- Court: United States Court of Appeals for the Federal Circuit
- Full case name: Fonar Corp. v. General Electric Co.
- Decided: February 25, 1997
- Citations: 107 F.3d 1543; 41 U.S.P.Q.2d 1801

Case history
- Prior history: 902 F. Supp. 330 (E.D.N.Y. 1995)
- Subsequent history: Rehearing en banc denied, May 8, 1997

Court membership
- Judges sitting: Alan David Lourie, Byron George Skelton, Randall Ray Rader

Case opinions
- Majority: Lourie, joined by a unanimous panel

= Fonar Corp. v. General Electric Co. =

Fonar Corp. v. General Electric Co., 107 F.3d 1543 (Fed. Cir. 1997), was a case decided in 1997 by the United States Court of Appeals for the Federal Circuit concerning source code and the disclosure requirement for software patents.

==Case details==
===Factual background===
Fonar was a dispute between medical device manufacturer Fonar Corporation and General Electric over Fonar's patent on MRI technology. Fonar's founder, Raymond Damadian, was issued U.S. Patent 3,789,832 (priority date 1972-03-17) for an "apparatus and method for detecting cancer in tissue" using the magnetic resonance of atoms. Damadian's patent was the first patent on an MRI machine issued in the United States. Also at issue was a later patent, U.S. Patent 4,871,966 issued in 1989, covering a method for obtaining MRI images of multiple planes at different orientations in a single scan. GE is a major manufacturer of MRI scanners, and Fonar sued GE for infringing these patents by producing its scanners as well as inducing others to infringe.

===Procedural history===
A jury in the United States District Court for the Eastern District of New York found that GE infringed patent 4,871,966 and awarded Fonar $110.5 million in damages (reduced on appeal to $103.4 million). GE appealed this verdict to the Federal Circuit. The District Court also granted GE's motion for judgment as a matter of law (JMOL) that GE did not infringe patent 3,789,832, which Fonar cross-appealed to the Federal Circuit as well.
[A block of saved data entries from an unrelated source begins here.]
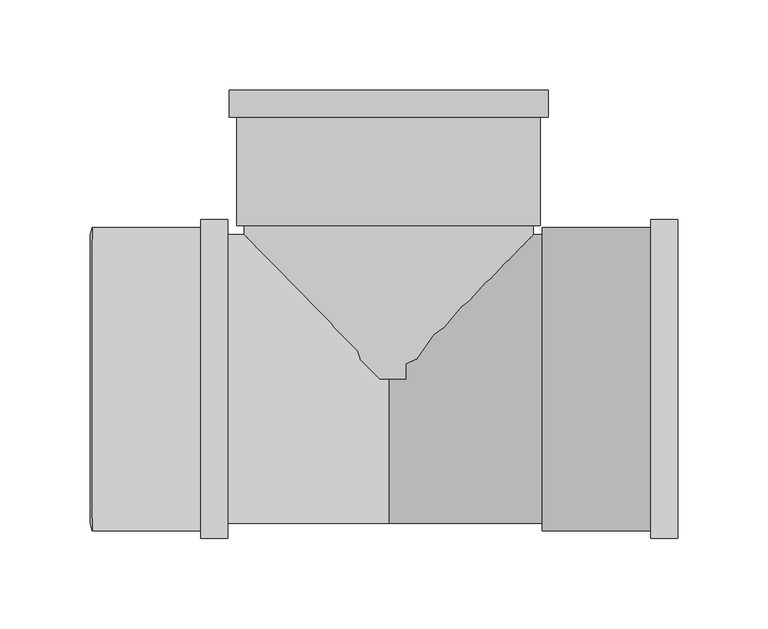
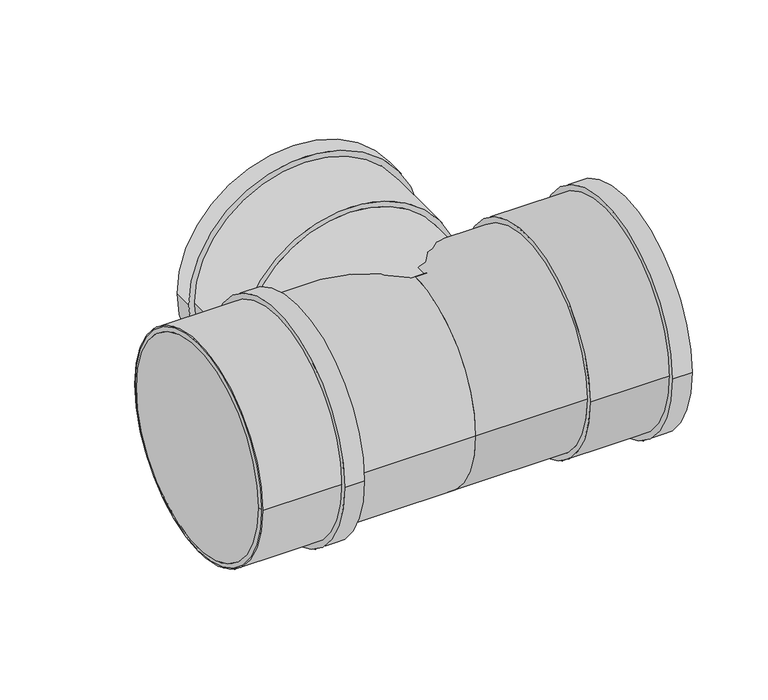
"""IFC4 building model written with IfcOpenShell, lengths in millimetres: pipe fitting geometry, Superdrain HTEA Branch : Superdrain HTEA Branch."""

from ifc_helpers import new_model, si_unit, point, frame, origin, origin_2d, place, context, project, spatial, polyline, circle_curve, trimmed, segment, composite_curve, outline, extrude, source, transform, mapped, element, save
from ifc_brep_helpers import plane_surface, revolved_surface, advanced_brep


def pipe_fitting_a100f701(model_context):
    return source(origin(), model_context, "Body", "SolidModel", [
        extrude(outline(composite_curve([segment(trimmed(circle_curve(origin_2d(), 84.0), [point((84.0, 0.0))], [point((-84.0, 0.0))], False, "CARTESIAN"), True, "CONTINUOUS"), segment(trimmed(circle_curve(origin_2d(), 84.0), [point((-84.0, 0.0))], [point((84.0, 0.0))], False, "CARTESIAN"), True, "CONTINUOUS")], self_intersect=False), holes=[composite_curve([segment(trimmed(circle_curve(origin_2d(), 80.0), [point((80.0, 0.0))], [point((-80.0, 0.0))], True, "CARTESIAN"), True, "CONTINUOUS"), segment(trimmed(circle_curve(origin_2d(), 80.0), [point((-80.0, 0.0))], [point((80.0, 0.0))], True, "CARTESIAN"), True, "CONTINUOUS")], self_intersect=False)]), frame((-164.1, 0.0, 0.0), z_axis=(1.0, 0.0, 0.0), x_axis=(0.0, 1.0, 0.0)), (0.0, 0.0, 1.0), 75.0),
        extrude(outline(composite_curve([segment(trimmed(circle_curve(origin_2d(), 88.2), [point((88.2, 0.0))], [point((-88.2, 0.0))], False, "CARTESIAN"), True, "CONTINUOUS"), segment(trimmed(circle_curve(origin_2d(), 88.2), [point((-88.2, 0.0))], [point((88.2, 0.0))], False, "CARTESIAN"), True, "CONTINUOUS")], self_intersect=False), holes=[composite_curve([segment(trimmed(circle_curve(origin_2d(), 80.0), [point((80.0, 0.0))], [point((-80.0, 0.0))], True, "CARTESIAN"), True, "CONTINUOUS"), segment(trimmed(circle_curve(origin_2d(), 80.0), [point((-80.0, 0.0))], [point((80.0, 0.0))], True, "CARTESIAN"), True, "CONTINUOUS")], self_intersect=False)]), frame((-104.1, 0.0, 0.0), z_axis=(1.0, 0.0, 0.0), x_axis=(0.0, 1.0, 0.0)), (0.0, 0.0, 1.0), 15.0),
        advanced_brep(
        [(-165.1, 80.0, 0.0), (-165.1, -80.0, 0.0), (-164.1, 84.0, 0.0), (-164.1, -84.0, 0.0)],
        [
            (0, 1, circle_curve(frame((-165.1, 0.0, 0.0), z_axis=(-1.0, 0.0, 0.0), x_axis=(0.0, 1.0, 0.0)), 80.0)),
            (1, 0, circle_curve(frame((-165.1, 0.0, 0.0), z_axis=(-1.0, 0.0, 0.0), x_axis=(0.0, -1.0, 0.0)), 80.0)),
            (2, 3, circle_curve(frame((-164.1, 0.0, 0.0), z_axis=(1.0, 0.0, 0.0), x_axis=(0.0, -1.0, 0.0)), 84.0)),
            (3, 2, circle_curve(frame((-164.1, 0.0, 0.0), z_axis=(1.0, 0.0, 0.0), x_axis=(0.0, 1.0, 0.0)), 84.0)),
            (3, 1),
            (0, 2),
        ],
        [
            plane_surface(frame((-165.1, 0.0, 0.0), z_axis=(-1.0, 0.0, 0.0), x_axis=(0.0, 0.0, -1.0))),
            plane_surface(frame((-164.1, 0.0, 0.0), z_axis=(1.0, 0.0, 0.0), x_axis=(0.0, 0.0, -1.0))),
            revolved_surface(polyline([(-165.1, 80.0, 0.0), (-164.1, 84.0, 0.0)]), (-185.1, 0.0, 0.0), (1.0, 0.0, 0.0)),
            revolved_surface(polyline([(-165.1, -80.0, 0.0), (-164.1, -84.0, 0.0)]), (-185.1, 0.0, 0.0), (1.0, 0.0, 0.0)),
        ],
        [
            (0, [[1, 2]]),
            (1, [[3, 4]]),
            (2, [[-4, 5, -1, 6]]),
            (3, [[-3, -6, -2, -5]]),
        ],
    ),
        extrude(outline(composite_curve([segment(trimmed(circle_curve(origin_2d(), 84.0), [point((-84.0, 0.0))], [point((84.0, 0.0))], False, "CARTESIAN"), True, "CONTINUOUS"), segment(trimmed(circle_curve(origin_2d(), 84.0), [point((84.0, 0.0))], [point((-84.0, 0.0))], False, "CARTESIAN"), True, "CONTINUOUS")], self_intersect=False), holes=[composite_curve([segment(trimmed(circle_curve(origin_2d(), 80.0), [point((80.0, 0.0))], [point((-80.0, 0.0))], True, "CARTESIAN"), True, "CONTINUOUS"), segment(trimmed(circle_curve(origin_2d(), 80.0), [point((-80.0, 0.0))], [point((80.0, 0.0))], True, "CARTESIAN"), True, "CONTINUOUS")], self_intersect=False)]), frame((84.9, 0.0, 0.0), z_axis=(1.0, 0.0, 0.0), x_axis=(0.0, 1.0, 0.0)), (0.0, 0.0, 1.0), 75.0),
        extrude(outline(composite_curve([segment(trimmed(circle_curve(origin_2d(), 88.2), [point((88.2, 0.0))], [point((-88.2, 0.0))], False, "CARTESIAN"), True, "CONTINUOUS"), segment(trimmed(circle_curve(origin_2d(), 88.2), [point((-88.2, 0.0))], [point((88.2, 0.0))], False, "CARTESIAN"), True, "CONTINUOUS")], self_intersect=False), holes=[composite_curve([segment(trimmed(circle_curve(origin_2d(), 80.0), [point((80.0, 0.0))], [point((-80.0, 0.0))], True, "CARTESIAN"), True, "CONTINUOUS"), segment(trimmed(circle_curve(origin_2d(), 80.0), [point((-80.0, 0.0))], [point((80.0, 0.0))], True, "CARTESIAN"), True, "CONTINUOUS")], self_intersect=False)]), frame((144.9, 0.0, 0.0), z_axis=(1.0, 0.0, 0.0), x_axis=(0.0, 1.0, 0.0)), (0.0, 0.0, 1.0), 15.0),
        extrude(outline(composite_curve([segment(trimmed(circle_curve(origin_2d(), 80.0), [point((0.0, 80.0))], [point((0.0, -80.0))], False, "CARTESIAN"), True, "CONTINUOUS"), segment(trimmed(circle_curve(origin_2d(), 80.0), [point((0.0, -80.0))], [point((0.0, 80.0))], False, "CARTESIAN"), True, "CONTINUOUS")], self_intersect=False)), frame((0.0, 0.0, 0.0), z_axis=(0.0, 1.0, 0.0), x_axis=(0.0, 0.0, 1.0)), (0.0, 0.0, 1.0), 84.9),
        extrude(outline(composite_curve([segment(trimmed(circle_curve(origin_2d(), 80.0), [point((80.0, 0.0))], [point((-80.0, 0.0))], False, "CARTESIAN"), True, "CONTINUOUS"), segment(trimmed(circle_curve(origin_2d(), 80.0), [point((-80.0, 0.0))], [point((80.0, 0.0))], False, "CARTESIAN"), True, "CONTINUOUS")], self_intersect=False)), frame((-164.1, 0.0, 0.0), z_axis=(1.0, 0.0, 0.0), x_axis=(0.0, 1.0, 0.0)), (0.0, 0.0, 1.0), 164.1),
        extrude(outline(composite_curve([segment(trimmed(circle_curve(origin_2d(), 80.0), [point((-80.0, 0.0))], [point((80.0, 0.0))], False, "CARTESIAN"), True, "CONTINUOUS"), segment(trimmed(circle_curve(origin_2d(), 80.0), [point((80.0, 0.0))], [point((-80.0, 0.0))], False, "CARTESIAN"), True, "CONTINUOUS")], self_intersect=False)), frame((0.0, 0.0, 0.0), z_axis=(1.0, 0.0, 0.0), x_axis=(0.0, 1.0, 0.0)), (0.0, 0.0, 1.0), 84.9),
        extrude(outline(composite_curve([segment(trimmed(circle_curve(origin_2d(), 88.2), [point((0.0, 88.2))], [point((0.0, -88.2))], False, "CARTESIAN"), True, "CONTINUOUS"), segment(trimmed(circle_curve(origin_2d(), 88.2), [point((0.0, -88.2))], [point((0.0, 88.2))], False, "CARTESIAN"), True, "CONTINUOUS")], self_intersect=False), holes=[composite_curve([segment(trimmed(circle_curve(origin_2d(), 80.0), [point((0.0, 80.0))], [point((0.0, -80.0))], True, "CARTESIAN"), True, "CONTINUOUS"), segment(trimmed(circle_curve(origin_2d(), 80.0), [point((0.0, -80.0))], [point((0.0, 80.0))], True, "CARTESIAN"), True, "CONTINUOUS")], self_intersect=False)]), frame((0.0, 144.9, 0.0), z_axis=(0.0, 1.0, 0.0), x_axis=(0.0, 0.0, 1.0)), (0.0, 0.0, 1.0), 15.0),
        extrude(outline(composite_curve([segment(trimmed(circle_curve(origin_2d(), 84.0), [point((0.0, 84.0))], [point((0.0, -84.0))], False, "CARTESIAN"), True, "CONTINUOUS"), segment(trimmed(circle_curve(origin_2d(), 84.0), [point((0.0, -84.0))], [point((0.0, 84.0))], False, "CARTESIAN"), True, "CONTINUOUS")], self_intersect=False), holes=[composite_curve([segment(trimmed(circle_curve(origin_2d(), 80.0), [point((0.0, 80.0))], [point((0.0, -80.0))], True, "CARTESIAN"), True, "CONTINUOUS"), segment(trimmed(circle_curve(origin_2d(), 80.0), [point((0.0, -80.0))], [point((0.0, 80.0))], True, "CARTESIAN"), True, "CONTINUOUS")], self_intersect=False)]), frame((0.0, 84.9, 0.0), z_axis=(0.0, 1.0, 0.0), x_axis=(0.0, 0.0, 1.0)), (0.0, 0.0, 1.0), 75.0),
    ])


if __name__ == "__main__":
    model = new_model("IFC4")
    model_context = context("Model", 3, world=origin())
    ifc_project = project(units=[si_unit("LENGTHUNIT", "METRE", prefix="MILLI")], contexts=[model_context])
    site = spatial("IfcSite", under=ifc_project)
    building = spatial("IfcBuilding", under=site)
    placement = place(None, origin())
    pipe_fitting_shape = pipe_fitting_a100f701(model_context)
    element("IfcPipeFitting", 1, ObjectType="Superdrain HTEA Branch : Superdrain HTEA Branch", at=placement, inside=building, context=model_context, shape_type="MappedRepresentation", body=[
        mapped(pipe_fitting_shape, transform((0.0, 0.0, 0.0), x_axis=(1.0, 0.0, 0.0), y_axis=(0.0, 1.0, 0.0), z_axis=(0.0, 0.0, 1.0))),
    ])
    save(model, "model.ifc")
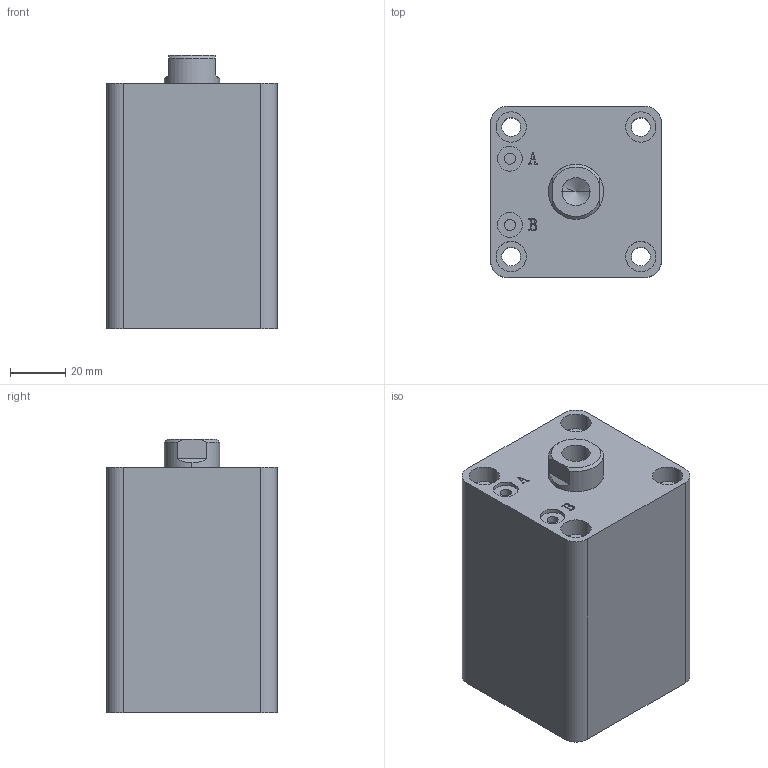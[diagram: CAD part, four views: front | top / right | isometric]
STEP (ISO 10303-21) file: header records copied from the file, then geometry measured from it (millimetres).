
FILE_DESCRIPTION (( 'STEP AP203' ), '1' );
FILE_NAME ('HTB-SDMA32-35N.STEP', '2019-10-07T11:40:03', ( '微软用户' ), ( '微软中国' ), 'SwSTEP 2.0', 'SolidWorks 2012', '' );
FILE_SCHEMA (( 'CONFIG_CONTROL_DESIGN' ));
Length unit declared in the file: millimetre
Products named in the file (3): HTB-SDMA32-35N; HTB-SDMA32-35N活塞杆; HTB-SDMA32-35掛极
Assembly tree (2 placements, depth 2):
  HTB-SDMA32-35N
    HTB-SDMA32-35掛极
    HTB-SDMA32-35N活塞杆
Bounding box: 62 x 62 x 99 mm (x, y, z)
Volume: 307240.4 mm3; surface area: 53469.5 mm2
Topology: 2 solids, 2 shells, 137 faces, 331 edges, 217 vertices
Faces by surface type: plane 65, cylinder 46, bspline 16, torus 6, cone 4
Entity records: 5070 total; most frequent: CARTESIAN_POINT 1576, ORIENTED_EDGE 658, DIRECTION 647, EDGE_CURVE 329, AXIS2_PLACEMENT_3D 232, VERTEX_POINT 217, VECTOR 183, LINE 183
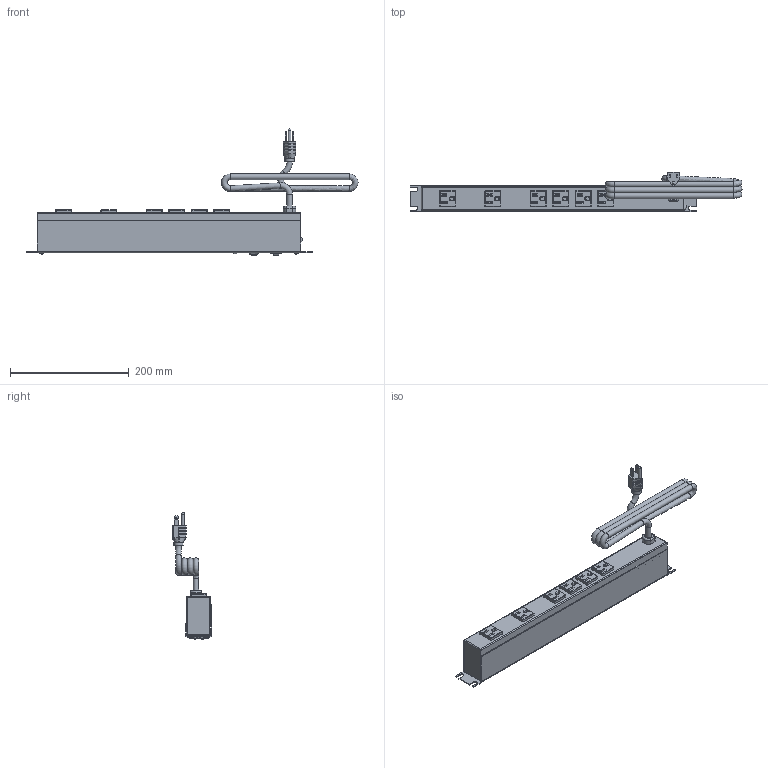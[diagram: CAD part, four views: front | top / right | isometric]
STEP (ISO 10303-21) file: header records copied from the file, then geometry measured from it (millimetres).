
FILE_DESCRIPTION(/* description */ (''),/* implementation_level */ '2;1');
FILE_NAME(/* name */ 'E:\Manufacturing\drawings\Web Drawings\POWER BARS\Surge Protection\1583''S'' series\STEP''s\1583H6A1BK.stp',/* time_stamp */ '2019-01-14T10:11:31-05:00',/* author */ ('tfoster'),/* organization */ (''),/* preprocessor_version */ 'ST-DEVELOPER v17',/* originating_system */ 'Autodesk Inventor 2019',/* authorisation */ '');
FILE_SCHEMA (('AUTOMOTIVE_DESIGN { 1 0 10303 214 3 1 1 }'));
Products named in the file (12): 1583H6A1BK; 1582 Front plate; 1583H6 Back Plate; #25054; Reset Switch; Power Switch Assembly; Power Switch; Power Switch pt; Cored 2; Receptacle; Surge Light; tamper proof screw
Assembly tree (19 placements, depth 3):
  1583H6A1BK
    1582 Front plate
    1583H6 Back Plate
    #25054  x4
    Reset Switch
    Power Switch Assembly
      Power Switch
      Power Switch pt
    Cored 2
    Receptacle  x6
    Surge Light
    tamper proof screw
Bounding box: 560.01 x 66.07 x 213.79 mm (x, y, z)
Volume: 350359.8 mm3; surface area: 300872.4 mm2
Topology: 18 solids, 18 shells, 1001 faces, 2704 edges, 1746 vertices
Faces by surface type: plane 585, cylinder 273, bspline 73, sphere 31, cone 25, torus 14
Full cylindrical faces by diameter (mm): 1 x1, 1.803 x3, 1.905 x2, 2.13 x20, 2.286 x1, 2.997 x4, 3 x2, 3.505 x12, 4.775 x1, 4.801 x1, 5.563 x4, 6.858 x1, 7.747 x1, 7.95 x1, 9.5 x5, 9.652 x1, 11 x1, 15.621 x1
Entity records: 24873 total; most frequent: CARTESIAN_POINT 9325, ORIENTED_EDGE 3302, DIRECTION 2875, EDGE_CURVE 1651, LINE 1079, VECTOR 1079, VERTEX_POINT 1078, AXIS2_PLACEMENT_3D 898
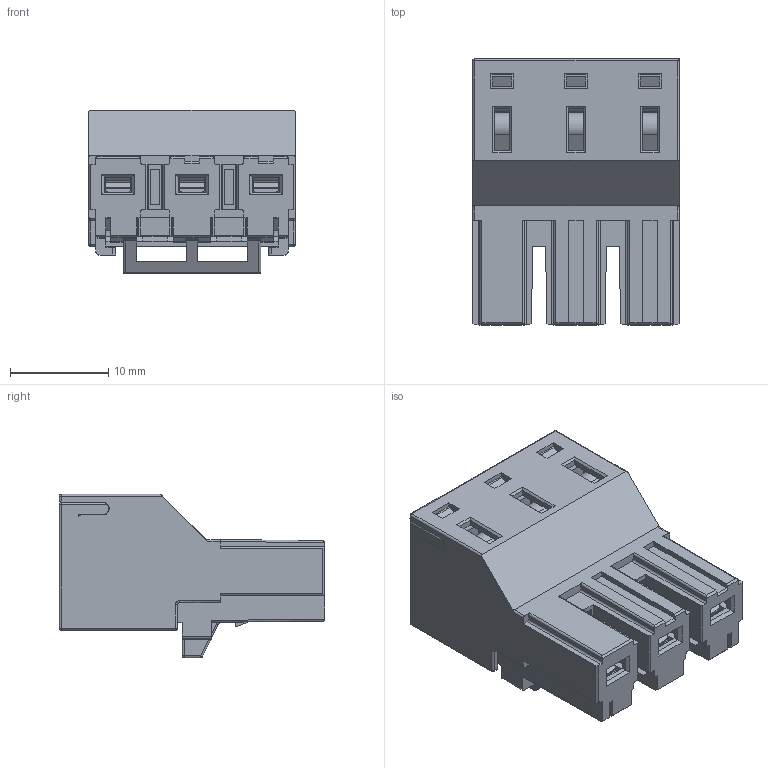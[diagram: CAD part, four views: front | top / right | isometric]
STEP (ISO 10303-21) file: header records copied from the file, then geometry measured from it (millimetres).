
FILE_DESCRIPTION((''),'2;1');
FILE_NAME('PLUG-HO-750_3P_ASM','2021-08-18T',('renkang.li'),(''),'CREO PARAMETRIC BY PTC INC, 2016260','CREO PARAMETRIC BY PTC INC, 2016260','');
FILE_SCHEMA(('CONFIG_CONTROL_DESIGN'));
Length unit declared in the file: millimetre
Products named in the file (1): PLUG-HO-750_3P_ASM
Bounding box: 21 x 27 x 16.6 mm (x, y, z)
Volume: 3172.1 mm3; surface area: 8748 mm2
Topology: 1 solids, 1 shells, 1196 faces, 3289 edges, 2091 vertices
Faces by surface type: plane 783, cylinder 332, torus 37, bspline 33, sphere 11
Entity records: 39944 total; most frequent: CARTESIAN_POINT 9310, ORIENTED_EDGE 6578, DIRECTION 6160, EDGE_CURVE 3289, VECTOR 2496, LINE 2496, VERTEX_POINT 2091, AXIS2_PLACEMENT_3D 1832
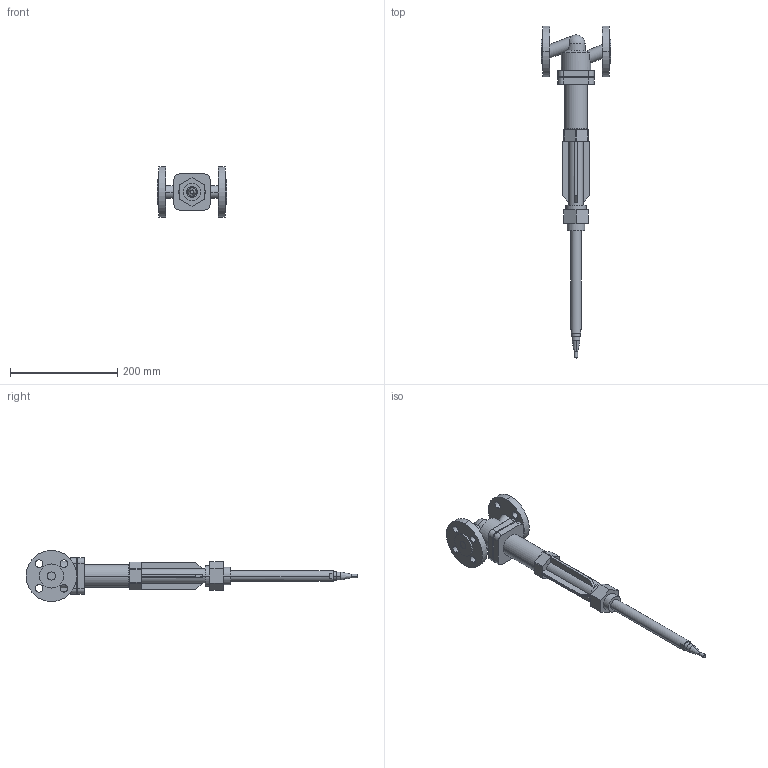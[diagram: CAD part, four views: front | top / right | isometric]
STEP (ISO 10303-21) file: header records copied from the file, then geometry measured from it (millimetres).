
FILE_DESCRIPTION(('CoCreate Modeling STEP Export'),'2;1');
FILE_NAME('c000001242.stp','2011-09-22T10:48:23',(''),(''),'CoCreate Modeling STEP processor for AP214 (Solid Model)','CoCreate Modeling 17.0 01-Apr-2010 (C) Parametric Technology GmbH','');
FILE_SCHEMA(('AUTOMOTIVE_DESIGN { 1 0 10303 214 1 1 1 1 }'));
Length unit declared in the file: millimetre
Products named in the file (1): 1
Bounding box: 130 x 619.54 x 95 mm (x, y, z)
Volume: 807292.5 mm3; surface area: 129685.4 mm2
Topology: 1 solids, 1 shells, 168 faces, 417 edges, 270 vertices
Faces by surface type: plane 80, cylinder 76, cone 10, sphere 2
Entity records: 7096 total; most frequent: CARTESIAN_POINT 1952, ORIENTED_EDGE 830, DIRECTION 718, EDGE_CURVE 415, VERTEX_POINT 270, AXIS2_PLACEMENT_3D 248, VECTOR 222, LINE 222

The Federal Circuit found for Fonar on both issues, upholding the jury's verdict and reversing the JMOL concerning patent 3,789,832. GE appealed to the United States Supreme Court, which denied certiorari. GE ultimately paid Fonar over $120 million in damages plus interest.

===Issues===
The core of GE's defense rest on its claim that Fonar failed to meet the best mode requirement in disclosing patent 4,871,966 because it failed to disclose the source code to two critical software routines. Fonar countered by arguing that its description of the function of the routines was sufficient disclosure and that source code was unnecessary to fulfill the best mode requirement.

===Holding===
The court held that software patents generally do not need to include source code to satisfy the best mode requirement if the function of the software can be described by other means.

==Importance==
Fonar represents a continuation of a line of Federal Circuit cases, particularly In re Sherwood and In re Hayes, holding that source code disclosure is not required for software patents. Fonar reiterated the doctrine from Sherwood and Hayes very clearly and emphasized the Federal Circuit's preference for a description of a software's function over the software's actual source code.